American soccer player (born 2001)

Trevor Burns (born September 15, 2001) is an American professional soccer player who plays as a midfielder for Sporting Kansas City II in the MLS Next Pro.

==Career==
===Youth===
Burns spent seven years with the New England Revolution academy. He made an appearance for the club's USL League One side, New England Revolution II, on July 25, 2020, appearing as a 70th-minute substitute during a 0–0 draw with Union Omaha.

===College===
Burns committed to play college soccer at Georgetown University in 2020. During his three seasons with the Hoyas, he made 45 appearances. In 2024, Trevor transferred to Duke University to finish his collegiate career with the Duke Blue Devils.
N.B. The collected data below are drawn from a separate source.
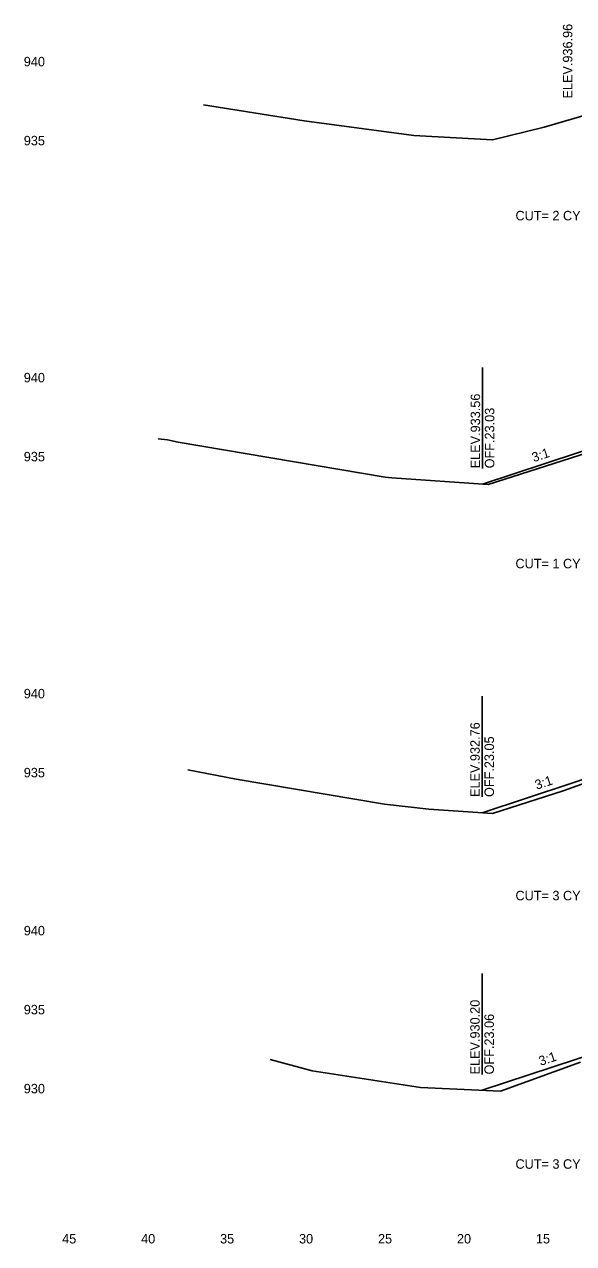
# Model space of a CAD drawing. Extents: x -4 to 359, y 0 to 1436.
# Drawn here: x 200.5 to 235.2, y 600.5 to 677.6 of the extents above; entities that cross this region are included whole.
import ezdxf

# ---------------------------------------------------------------- set-up
doc = ezdxf.new("R2010")
doc.units = 0
for name, color, linetype in [('XS-Existing surface-ground', 7, 'Continuous'), ('XS-Proposed surface-ground', 7, 'Continuous'), ('XS-Text-ditch slope', 7, 'Continuous'), ('XS-Text-earthwork labels', 7, 'Continuous'), ('XS-Text-elevation', 7, 'Continuous'), ('XS-Text-offset label', 7, 'Continuous'), ('XS-Text-profile report', 7, 'Continuous'), ('XS-Text-tie elevation', 7, 'Continuous'), ('XS-Text-tie offset', 7, 'Continuous')]:
    doc.layers.add(name, color=color, linetype=linetype)

msp = doc.modelspace()

# ---------------------------------------------------------------- linework, layer by layer
at = {"layer": 'XS-Existing surface-ground'}
for p, q in [((211.809, 672.557), (218.183, 671.529)), ((218.183, 671.529), (225.126, 670.607)), ((233.379, 671.134), (236.118, 671.944)), ((225.126, 670.607), (230.099, 670.323)), ((230.099, 670.323), (233.379, 671.134)), ((208.931, 651.415), (209.521, 651.335)), ((209.521, 651.335), (210.207, 651.2)), ((210.207, 651.2), (223.306, 648.989)), ((229.836, 648.514), (236.616, 650.691)), ((223.306, 648.989), (223.726, 648.942)), ((223.726, 648.942), (229.836, 648.514)), ((210.813, 630.463), (213.87, 629.871)), ((213.87, 629.871), (223.266, 628.289)), ((234.581, 629.138), (237.154, 630.045)), ((230.096, 627.695), (234.581, 629.138)), ((223.266, 628.289), (226.067, 627.975)), ((226.067, 627.975), (230.096, 627.695)), ((216.026, 612.123), (218.689, 611.415)), ((230.619, 610.128), (235.682, 611.957)), ((218.689, 611.415), (225.548, 610.353)), ((225.548, 610.353), (230.619, 610.128))]:
    msp.add_line(p, q, dxfattribs=at)
at = {"layer": 'XS-Proposed surface-ground'}
for points in [[(237.471, 651.18), (229.469, 648.54)], [(237.878, 630.523), (229.446, 627.74)], [(238.375, 613.128), (229.443, 610.18)]]:
    msp.add_lwpolyline(points, dxfattribs=at)
at = {"layer": 'XS-Text-tie offset'}
for p, q in [((229.469, 649.54), (229.469, 655.918)), ((229.446, 628.74), (229.446, 635.119)), ((229.443, 611.18), (229.443, 617.578))]:
    msp.add_line(p, q, dxfattribs=at)

# ---------------------------------------------------------------- texts
at = {"layer": 'XS-Text-ditch slope'}
for p in [(232.711, 649.925), (232.903, 629.197), (233.151, 611.72)]:
    msp.add_text('3:1', height=0.6, rotation=18.26289, dxfattribs=at).set_placement(p)
at = {"layer": 'XS-Text-earthwork labels'}
for s, p in [(' CUT= 2 CY           ', (231.335, 665.234)), (' CUT= 1 CY           ', (231.335, 643.215)), (' CUT= 3 CY           ', (231.335, 622.201)), (' CUT= 3 CY           ', (231.335, 605.212))]:
    msp.add_text(s, height=0.6, dxfattribs=at).set_placement(p)
at = {"layer": 'XS-Text-elevation'}
for s, p in [('           940           ', (197.97, 674.982)), ('           935           ', (197.97, 669.982)), ('           940           ', (197.97, 654.982)), ('           935           ', (197.97, 649.982)), ('           940           ', (197.97, 634.982)), ('           935           ', (197.97, 629.982)), ('           940           ', (197.97, 619.982)), ('           935           ', (197.97, 614.982)), ('           930           ', (197.97, 609.982))]:
    msp.add_text(s, height=0.6, dxfattribs=at).set_placement(p)
at = {"layer": 'XS-Text-offset label'}
for s, p in [('           45           ', (200.4, 600.482)), ('           40           ', (205.4, 600.482)), ('           35           ', (210.4, 600.482)), ('           30           ', (215.4, 600.482)), ('           25           ', (220.4, 600.482)), ('           20           ', (225.4, 600.482)), ('           15           ', (230.4, 600.482))]:
    msp.add_text(s, height=0.6, dxfattribs=at).set_placement(p)
at = {"layer": 'XS-Text-profile report'}
for p in [(229.458, 648.539), (229.434, 627.74), (229.432, 610.179)]:
    msp.add_text('Fill_Slope_2_B', height=0.00167, dxfattribs=at).set_placement(p)
at = {"layer": 'XS-Text-tie elevation'}
for s, p in [('ELEV.936.96', (235.161, 672.945)), ('ELEV.933.56', (229.319, 649.54)), ('OFF.23.03', (230.219, 649.54)), ('ELEV.932.76', (229.296, 628.74)), ('OFF.23.05', (230.196, 628.74)), ('ELEV.930.20', (229.293, 611.18)), ('OFF.23.06', (230.193, 611.18))]:
    msp.add_text(s, height=0.6, rotation=90, dxfattribs=at).set_placement(p)

doc.saveas('drawing.dxf')

In two season at Duke, he made 36 appearances, scoring 2 goals.

==Personal life==
Trevor is the son of former professional soccer player Mike Burns, who played for Viborg FF, New England Revolution, San Jose Earthquakes, Kansas City Wizards, and earned 75 caps for the United States national team between 1992 and 1998. Mike Burns was also General Manager for New England between 2011 and 2019, and served as Sporting Director of Sporting Kansas City from 2024 to 2026.